§ **Work instruction**:
Copy, from the material below, each line that contains the word "ezdxf".

§ **Extracted information**:

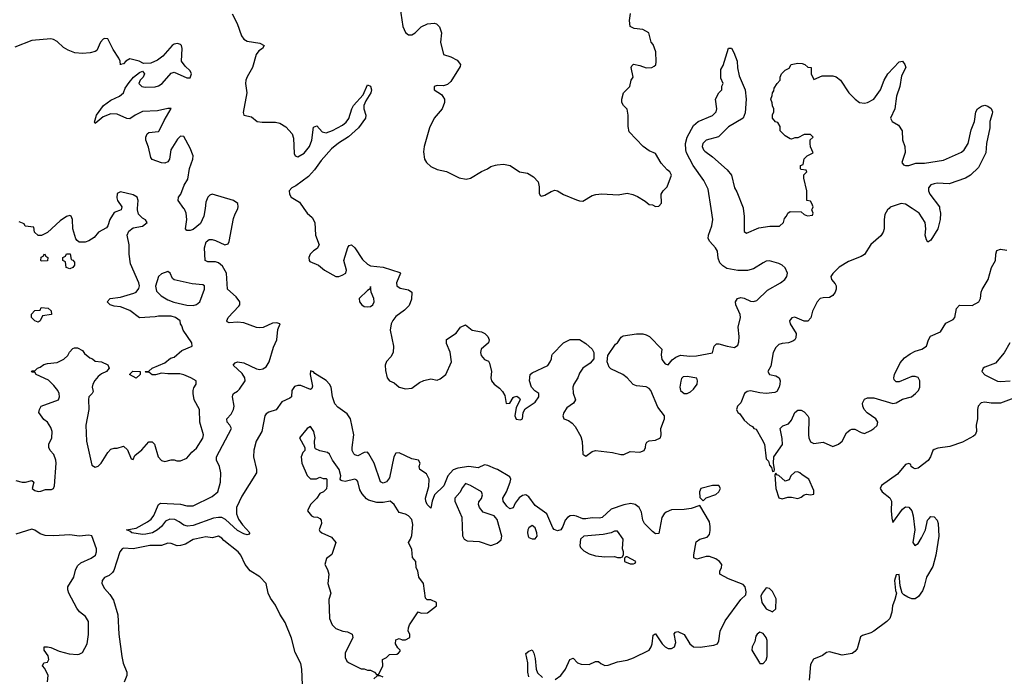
# Model space of a CAD drawing. Header units: inches. Extents: x 2293880 to 2522759, y 823965 to 1006879.
# Tile 314 of 325: x 2466993 to 2473213, y 897044 to 901192. Entities that reach past the tile are written whole.
import ezdxf

# ---------------------------------------------------------------- set-up
doc = ezdxf.new("R2010")
doc.units = ezdxf.units.IN
doc.header["$MEASUREMENT"] = 0
for name, color, linetype in [('C4869', 7, 'Continuous'), ('C4879', 7, 'Continuous'), ('C4960', 7, 'Continuous'), ('C4970', 7, 'Continuous')]:
    doc.layers.add(name, color=color, linetype=linetype)

msp = doc.modelspace()

# ---------------------------------------------------------------- linework, layer by layer
at = {"layer": 'C4869', "color": 5}
for points, elevation in [([(2466970, 898281), (2467010, 898270.8), (2467030, 898270.8), (2467070, 898282), (2467082, 898270), (2467072, 898230), (2467090, 898218), (2467110, 898212), (2467127.3, 898212.7), (2467156.4, 898223.6), (2467195.3, 898224.7), (2467206, 898230), (2467213.2, 898246.8), (2467223.6, 898390), (2467221.6, 898410), (2467210, 898445.2), (2467185.2, 898470), (2467177.2, 898490), (2467177.2, 898510), (2467197.2, 898550), (2467198, 898590), (2467190, 898615.3), (2467170, 898648.7), (2467145.6, 898665.6), (2467115.3, 898710), (2467118, 898730), (2467129.1, 898750.9), (2467238, 898790), (2467244, 898810), (2467242, 898830), (2467234, 898850), (2467210, 898882), (2467175.5, 898915.5), (2467098, 898950), (2467090, 898966), (2467070, 898966), (2467068, 898970), (2467070, 898974), (2467090, 898974), (2467106, 898990), (2467123.1, 898996.9), (2467145.6, 899014.4), (2467170, 899021), (2467230, 899026), (2467272.9, 899047.1), (2467298, 899070), (2467309, 899091), (2467330, 899114), (2467340.4, 899119.6), (2467359.6, 899119.6), (2467390, 899102), (2467403.5, 899083.5), (2467436.9, 899056.9), (2467454, 899050), (2467470, 899034), (2467510, 899031.3), (2467550, 899012), (2467558, 898990), (2467542, 898970), (2467510, 898955.3), (2467490, 898939), (2467468, 898912), (2467454.8, 898890), (2467451.3, 898871.3), (2467456.9, 898843.1), (2467452, 898830), (2467431, 898809), (2467427.1, 898792.9), (2467430.8, 898730), (2467410.6, 898630), (2467414.9, 898530), (2467450, 898378), (2467470, 898364.7), (2467490, 898371.3), (2467508.7, 898390), (2467550, 898458), (2467570, 898478), (2467590, 898484.7), (2467610, 898484.7), (2467650, 898498), (2467675.3, 898475.3), (2467698, 898418), (2467710, 898414), (2467721.2, 898438.8), (2467764.7, 898475.3), (2467810, 898524.7), (2467830, 898524.7), (2467844.7, 898510), (2467867.7, 898430), (2467890, 898406.8), (2467910, 898401), (2467950, 898411.3), (2467970, 898411.3), (2467985.4, 898405.4), (2468010, 898404.7), (2468050, 898422), (2468080.5, 898459.5), (2468110, 898485.5), (2468150, 898547.7), (2468155.6, 898570), (2468131.3, 898650), (2468129.4, 898729.4), (2468096, 898790), (2468089.2, 898830), (2468089, 898850), (2468093.2, 898866.8), (2468108.7, 898890), (2468108.7, 898910), (2468075.3, 898930), (2468030, 898949.3), (2468006, 898954), (2467930, 898954), (2467890, 898959), (2467850.7, 898949.3), (2467830, 898949), (2467810, 898966), (2467790, 898966), (2467786, 898970), (2467810, 898972), (2467829.3, 898990.7), (2467910, 899024.7), (2467946, 899054), (2467970, 899061), (2468018.7, 899101.3), (2468082, 899130), (2468081.2, 899150), (2468025.2, 899230), (2468017.2, 899257.2), (2468008.7, 899270), (2468008, 899290), (2467978, 899310), (2467950, 899319), (2467870, 899319), (2467850, 899314), (2467750, 899308.7), (2467690, 899354), (2467630, 899378), (2467590, 899382), (2467566, 899390), (2467546, 899410), (2467566, 899430), (2467630, 899438.8), (2467715.5, 899464.5), (2467730, 899470.8), (2467747, 899493), (2467749.5, 899510), (2467745.6, 899530), (2467694.5, 899650), (2467686, 899710), (2467685.2, 899770), (2467673.2, 899830), (2467683.7, 899856.3), (2467710, 899878), (2467770, 899886.8), (2467798, 899910), (2467788, 899928), (2467770, 899938), (2467744, 899964), (2467737.2, 899990), (2467737.8, 900000)], 60), ([(2467636, 900000), (2467634, 899990), (2467590, 899974), (2467562.8, 899930), (2467551.3, 899890), (2467542, 899878), (2467492, 899850), (2467463.6, 899816.4), (2467430, 899795.3), (2467407.3, 899787.3), (2467370, 899786), (2467356.4, 899796.4), (2467348.4, 899808.4), (2467328.7, 899870), (2467328, 899930), (2467318, 899950), (2467310, 899955.3), (2467290, 899948), (2467250, 899922), (2467170, 899848), (2467131.6, 899828.4), (2467110, 899828), (2467086, 899850), (2467082, 899882), (2467028.4, 899888.4), (2467022, 899902), (2466990, 899915.3)], 60), ([(2470000, 898355.7), (2469950, 898376.6), (2469930, 898380.6), (2469890, 898361), (2469829.9, 898369.9), (2469760.4, 898359.6), (2469732.6, 898347.4), (2469698.9, 898310), (2469672.2, 898247.8), (2469614.8, 898190), (2469598.8, 898150), (2469590, 898107), (2469567.9, 898130), (2469558.7, 898150), (2469556.8, 898170), (2469577.5, 898242.5), (2469581, 898290), (2469562.7, 898322.7), (2469520.4, 898350), (2469516.3, 898370), (2469522.9, 898390), (2469513.2, 898410), (2469470, 898418.7), (2469390, 898455.8), (2469370, 898454.5), (2469357.5, 898430), (2469330, 898298.5), (2469310, 898271.6), (2469290, 898263.9), (2469272.2, 898272.2), (2469232.1, 898390), (2469199.2, 898450), (2469190, 898459.2), (2469170, 898458), (2469130, 898437), (2469110, 898443.2), (2469103.9, 898450), (2469094.7, 898470), (2469093.4, 898490), (2469103.5, 898570), (2469082.7, 898670), (2469061.6, 898701.6), (2469003.3, 898743.3), (2468984.5, 898764.5), (2468968.8, 898808.8), (2468961.1, 898870), (2468951.1, 898890), (2468930, 898912.2), (2468857.2, 898957.2), (2468850, 898968), (2468830, 898973.6), (2468827.5, 898950), (2468842.9, 898877.1), (2468838.4, 898861.6), (2468830, 898856.9), (2468770, 898880.2), (2468750, 898881.4), (2468730, 898875.2), (2468712.3, 898850), (2468710, 898809.6), (2468699.8, 898800.2), (2468650, 898777), (2468613.1, 898726.9), (2468566.8, 898713.2), (2468550, 898702.6), (2468541.5, 898690), (2468522.5, 898590), (2468487.6, 898530), (2468472.9, 898472.9), (2468470.1, 898430), (2468490.3, 898350), (2468490.3, 898330), (2468397.1, 898182.9), (2468363.5, 898110), (2468362.8, 898070), (2468376.3, 898036.3), (2468400.4, 898000.4), (2468446.8, 897950), (2468439.9, 897940.1), (2468430, 897938), (2468410, 897943.5), (2468370, 897965.3), (2468294.2, 898034.2), (2468270, 898046.6), (2468250, 898048.3), (2468217.7, 898042.3), (2468090, 897997), (2468053.4, 897993.4), (2468030, 897999.3), (2468000.9, 898020.9), (2467973.8, 898033.8), (2467942.8, 898037.2), (2467915.1, 898024.9), (2467888.8, 897990), (2467864.9, 897970), (2467832.2, 897950), (2467790, 897941.1), (2467770, 897939.8), (2467702, 897950), (2467690, 897962), (2467668.7, 897970), (2467730, 897979.5), (2467800.9, 898019.1), (2467823, 898037), (2467840.5, 898059.5), (2467869.8, 898130.2), (2467883.1, 898136.9), (2468010, 898131.1), (2468050, 898120.7), (2468090, 898121.7), (2468210, 898180.4), (2468244.5, 898210), (2468262.3, 898270), (2468265, 898330), (2468255.8, 898370), (2468235.9, 898410), (2468236.2, 898430), (2468330.7, 898610), (2468321.5, 898630), (2468303.9, 898650), (2468302.7, 898670), (2468330, 898699.7), (2468344.9, 898730), (2468347.5, 898750), (2468336.8, 898810), (2468339.3, 898820.7), (2468344, 898830), (2468370, 898844.6), (2468382.4, 898857.6), (2468416.9, 898910), (2468415.6, 898930), (2468397.9, 898957.9), (2468343, 899010), (2468355.1, 899024.9), (2468370, 899030.1), (2468410, 899023.5), (2468490, 898986.5), (2468510, 898983.3), (2468530, 898987.3), (2468550, 898999.1), (2468570.3, 899029.7), (2468597.3, 899122.7), (2468617, 899170), (2468624.2, 899235.8), (2468639.3, 899270), (2468616.4, 899276.4), (2468590, 899274), (2468531.7, 899248.3), (2468510, 899244.5), (2468490, 899247.3), (2468410, 899277.2), (2468370, 899280.9), (2468316.3, 899276.3), (2468303.9, 899284), (2468302.2, 899290), (2468311, 899310), (2468378.6, 899381.4), (2468384, 899390), (2468383.2, 899410), (2468360.9, 899440.9), (2468307, 899490), (2468299.6, 899590), (2468274.8, 899634.8), (2468250, 899655.4), (2468230, 899662.1), (2468183, 899663.1), (2468165.7, 899670), (2468161.6, 899750), (2468170.9, 899789.1), (2468190, 899804.2), (2468210, 899803.6), (2468230, 899796.9), (2468290, 899769.4), (2468310, 899776.4), (2468315.9, 899790), (2468343.5, 899936.5), (2468353.7, 899966.3), (2468370, 899994), (2468371.3, 900000)], 40), ([(2468164.2, 900000), (2468156.9, 899950), (2468134.7, 899905.3), (2468090, 899866.9), (2468070, 899859.7), (2468050, 899860.7), (2468040.7, 899870), (2468049.8, 899930), (2468045, 899970), (2468034, 899994.1), (2468029.8, 900000)], 40), ([(2468788.1, 900000), (2468810, 899969), (2468842, 899942), (2468858.7, 899910), (2468862.7, 899830), (2468885.3, 899770), (2468872.8, 899747.2), (2468850, 899732.4), (2468828.4, 899710), (2468820.8, 899690), (2468821.1, 899670), (2468825.5, 899665.5), (2468881.6, 899641.6), (2468919.5, 899610), (2468990, 899570.3), (2469010, 899570.3), (2469030, 899578), (2469054.5, 899590), (2469056.9, 899610), (2469041.6, 899670), (2469066.2, 899753.8), (2469075.1, 899764.9), (2469090, 899770.7), (2469110, 899750.6), (2469158.2, 899678.2), (2469190, 899648.4), (2469210, 899637.1), (2469290, 899628.5), (2469395.6, 899595.6), (2469399.1, 899590), (2469374.4, 899530), (2469376.3, 899510), (2469396.5, 899496.5), (2469450, 899484.9), (2469471, 899470), (2469467.5, 899427.5), (2469453.4, 899386.6), (2469423.6, 899356.4), (2469370, 899318), (2469350, 899292.8), (2469340.7, 899270), (2469334.7, 899230), (2469354.4, 899130), (2469353, 899090), (2469338.2, 899061.8), (2469310, 899032.6), (2469302.7, 899010), (2469304.5, 898975.5), (2469314, 898930), (2469330, 898910.4), (2469358.8, 898898.8), (2469390.7, 898870), (2469430, 898860.2), (2469470, 898865.4), (2469519.2, 898900.8), (2469546.3, 898913.7), (2469590, 898923.1), (2469630, 898914.9), (2469650, 898923.7), (2469686, 898950), (2469721.2, 899030), (2469712.3, 899092.3), (2469690, 899146), (2469689.2, 899170.8), (2469750, 899212), (2469778, 899250), (2469810, 899264.7), (2469851.2, 899231.1), (2469910, 899220.7), (2469931.3, 899210), (2469950.8, 899190), (2469958.8, 899170), (2469954.8, 899150), (2469908.7, 899111.3), (2469904.9, 899090), (2469908.8, 899070), (2469930, 899046.4), (2469954, 899034), (2469961.7, 899021.7), (2469973, 898970), (2469968.8, 898930), (2469974.9, 898910), (2469990.4, 898890), (2470000, 898883)], 40), ([(2470000, 898046.6), (2469990, 898058.7), (2469921.8, 898081.8), (2469898.4, 898110), (2469891.6, 898130), (2469893.6, 898146.4), (2469910, 898167.7), (2469917.6, 898190), (2469910, 898209), (2469841.2, 898250), (2469810, 898262.7), (2469790, 898237.2), (2469774.4, 898205.6), (2469742, 898170), (2469742.6, 898150), (2469785.7, 898050), (2469791.6, 897931.6), (2469802, 897910), (2469819.6, 897899.6), (2469895.3, 897895.3), (2469970, 897871.3), (2470000, 897881.3)], 60), ([(2467169.2, 897010), (2467172.3, 897050), (2467153.2, 897093.2), (2467138, 897110), (2467146, 897130), (2467170, 897134), (2467178, 897150), (2467172.9, 897172.9), (2467148, 897210), (2467148, 897230), (2467170, 897231), (2467190, 897226), (2467242, 897202), (2467306.2, 897186.2), (2467358, 897182), (2467370, 897183), (2467390, 897194), (2467419.7, 897250), (2467427.9, 897307.9), (2467428, 897390), (2467410, 897421.6), (2467372, 897452), (2467354, 897474), (2467304.7, 897570), (2467297.7, 897590), (2467297.4, 897610), (2467335.5, 897670), (2467345.6, 897714.4), (2467357.9, 897742.1), (2467378.7, 897761.3), (2467445.4, 897790), (2467472.1, 897810), (2467479.6, 897830), (2467478.5, 897850), (2467450, 897931.2), (2467430, 897934.7), (2467370, 897929.6), (2467310, 897938.3), (2467208.3, 897931.7), (2467154.4, 897934.4), (2467123.8, 897943.8), (2467090, 897967.3), (2467070, 897974.3), (2466970, 897942.9)], 60), ([(2468779.6, 896990), (2468776.4, 897090), (2468770, 897124), (2468733.6, 897193.6), (2468710, 897285.2), (2468670, 897383.7), (2468636.9, 897436.9), (2468610, 897494), (2468577.4, 897537.4), (2468563.5, 897570), (2468549.6, 897630), (2468510, 897673), (2468449.8, 897709.8), (2468418.4, 897750), (2468389.6, 897810), (2468372.6, 897830), (2468282.2, 897902.2), (2468270, 897917.6), (2468250, 897929.4), (2468210, 897919.7), (2468170, 897925.1), (2468150, 897921.6), (2468090, 897907.8), (2468041.2, 897878.8), (2468010, 897869.8), (2467988.9, 897868.9), (2467950, 897882.8), (2467930, 897885), (2467888.7, 897871.3), (2467816, 897870), (2467710, 897849.8), (2467650, 897853.9), (2467641.5, 897850), (2467625.4, 897830), (2467587.8, 897712.2), (2467580.3, 897699.7), (2467558.4, 897681.6), (2467530, 897668.7), (2467514.7, 897650), (2467513, 897630), (2467530, 897598.3), (2467561.9, 897561.8), (2467585.2, 897525.2), (2467613.3, 897433.3), (2467620.3, 897310), (2467639.1, 897170), (2467647.9, 897127.9), (2467671.3, 897070), (2467671.3, 897050), (2467653.2, 897006.8)], 60), ([(2469290, 897038), (2469270, 897048), (2469252.7, 897047.3), (2469231.6, 897028.4)], 60)]:
    msp.add_lwpolyline(points, dxfattribs=dict(at, elevation=elevation))
for points, elevation in [([(2467130, 899666), (2467126, 899670), (2467128.4, 899691.6), (2467142, 899698), (2467150, 899714), (2467158, 899698), (2467172, 899690), (2467170, 899668)], 60), ([(2467310, 899618), (2467287.3, 899627.3), (2467282, 899662), (2467266, 899670), (2467266, 899690), (2467282, 899698), (2467290, 899714), (2467312.7, 899712.7), (2467318, 899678), (2467330, 899674), (2467339.6, 899659.6), (2467339.6, 899640.4), (2467330, 899626)], 60), ([(2467930, 899601.2), (2467890, 899586), (2467870.8, 899570), (2467850.7, 899509.3), (2467858, 899478), (2467887.1, 899447.1), (2467930, 899422), (2467967.9, 899407.9), (2468050, 899387.7), (2468090, 899386), (2468110, 899393.4), (2468132, 899410), (2468160.5, 899490), (2468160.9, 899510), (2468150, 899516.9), (2468082.9, 899522.9), (2467969.5, 899549.5), (2467958, 899558), (2467944, 899590)], 60), ([(2469210, 899506), (2469207.3, 899492.7), (2469190, 899481.2), (2469137.6, 899430), (2469139.6, 899410), (2469154.4, 899390), (2469170, 899380.8), (2469190, 899377.8), (2469210, 899380.8), (2469224.2, 899390), (2469232.7, 899410), (2469229.7, 899430), (2469213, 899470)], 40), ([(2467110, 899282), (2467090, 899288.7), (2467068, 899310), (2467067.3, 899332.7), (2467090, 899354), (2467122, 899358), (2467130, 899374), (2467174, 899370), (2467192.7, 899352.7), (2467194, 899330), (2467138, 899322), (2467122, 899290)], 60), ([(2467730, 898928), (2467688, 898950), (2467708.4, 898971.6), (2467754, 898970), (2467754, 898950)], 60), ([(2468830, 898622), (2468810, 898608.7), (2468762, 898550), (2468794, 898490), (2468794, 898470), (2468782, 898458), (2468771.3, 898430), (2468776, 898390), (2468810, 898312), (2468830, 898291.3), (2468868.4, 898291.6), (2468890, 898302), (2468910, 898294), (2468930, 898294), (2468934, 898290), (2468934, 898250), (2468931.2, 898228.9), (2468912, 898210), (2468890, 898198), (2468871, 898170), (2468831.3, 898130), (2468812, 898090), (2468836.9, 898056.9), (2468850, 898051.3), (2468874, 898050), (2468890, 898042), (2468898, 898030), (2468901, 898010), (2468884.7, 897970), (2468890, 897962), (2468902, 897950), (2468963.6, 897923.6), (2468991.3, 897890), (2468965.4, 897814.6), (2468931.2, 897788.9), (2468921, 897750), (2468938, 897718), (2468946, 897690), (2468941, 897630), (2468958, 897570), (2468946.8, 897530), (2468950.6, 897410), (2468967.7, 897370), (2468990, 897346.8), (2469034, 897330), (2469064.7, 897324.7), (2469094, 897310), (2469098, 897290), (2469050.4, 897190), (2469050, 897162), (2469060.4, 897140.4), (2469070, 897130.8), (2469150, 897092), (2469170, 897092), (2469190, 897082), (2469210, 897082), (2469234, 897070), (2469250, 897054), (2469262, 897058), (2469288, 897110), (2469286, 897150), (2469310, 897162), (2469330, 897182), (2469375.3, 897184.7), (2469386, 897190), (2469396.4, 897203.6), (2469398, 897210), (2469383.1, 897223.1), (2469368, 897250), (2469370, 897274), (2469390, 897282), (2469410, 897274), (2469430, 897274), (2469458, 897290), (2469458, 897310), (2469448, 897330), (2469448.7, 897350), (2469455.3, 897370), (2469510, 897452), (2469530, 897442), (2469570, 897444.7), (2469626, 897490), (2469626, 897510), (2469590, 897528), (2469568, 897528), (2469558, 897538), (2469544, 897630), (2469515.3, 897670), (2469508, 897710), (2469498, 897730), (2469495.3, 897770), (2469475.3, 897795.3), (2469470, 897846), (2469448.7, 897890), (2469462, 897910), (2469470, 897934), (2469476.3, 898003.7), (2469470, 898034.5), (2469450, 898058.7), (2469430, 898069.4), (2469390, 898079), (2469358, 898130), (2469334, 898150), (2469290, 898142.4), (2469250, 898143), (2469196.3, 898156.3), (2469184.4, 898164.4), (2469156.6, 898196.6), (2469142.4, 898222.4), (2469130, 898275.3), (2469122.7, 898282.7), (2469110, 898289.2), (2469050, 898275.3), (2469030, 898278), (2469023.1, 898283.1), (2469018, 898290), (2469022, 898310), (2469011.8, 898350), (2468969.4, 898409.4), (2468950, 898448), (2468937.2, 898457.2), (2468888.8, 898468.9), (2468862, 898482), (2468858, 898490), (2468855.3, 898530), (2468859, 898550), (2468852.3, 898590)], 60)]:
    msp.add_lwpolyline(points, close=True, dxfattribs=dict(at, elevation=elevation))
at = {"layer": 'C4879', "color": 5}
for points, elevation in [([(2470000, 898883), (2470024.9, 898864.9), (2470044.3, 898844.3), (2470057.8, 898817.8), (2470067.4, 898767.4), (2470088.7, 898770), (2470110, 898804.7), (2470118, 898810), (2470133.4, 898813.4), (2470150, 898802), (2470154.8, 898790), (2470130, 898742), (2470120.8, 898690), (2470130, 898668.3), (2470156.2, 898663.8), (2470169.5, 898670.5), (2470174, 898710), (2470187.2, 898732.8), (2470250, 898776), (2470272.3, 898810), (2470273.2, 898830), (2470247.3, 898847.3), (2470226, 898870), (2470214, 898910), (2470218, 898950), (2470230, 898962), (2470330, 899006.8), (2470345.2, 899030), (2470352.7, 899050), (2470354, 899070), (2470360.2, 899079.8), (2470429.1, 899150.9), (2470470, 899172), (2470530, 899171), (2470570, 899146), (2470610.6, 899110.6), (2470621, 899090), (2470621, 899050), (2470597.3, 899022.7), (2470551, 898990), (2470530, 898959), (2470519.1, 898930), (2470493.4, 898890), (2470487.4, 898870), (2470490, 898832), (2470504, 898790), (2470491, 898770), (2470450, 898739.6), (2470430.4, 898710), (2470425.3, 898690), (2470431, 898670), (2470460.9, 898660.9), (2470484.3, 898644.3), (2470502.2, 898622.2), (2470538.8, 898558.8), (2470547.7, 898527.7), (2470550, 898447.3), (2470570, 898434), (2470610, 898463.8), (2470630, 898470.7), (2470738.9, 898458.9), (2470790, 898444.5), (2470810, 898446.2), (2470850, 898464), (2470910, 898460.7), (2470937.4, 898470), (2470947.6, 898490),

§ **The answer**:
import ezdxf
doc = ezdxf.new("R2010")
doc.units = ezdxf.units.IN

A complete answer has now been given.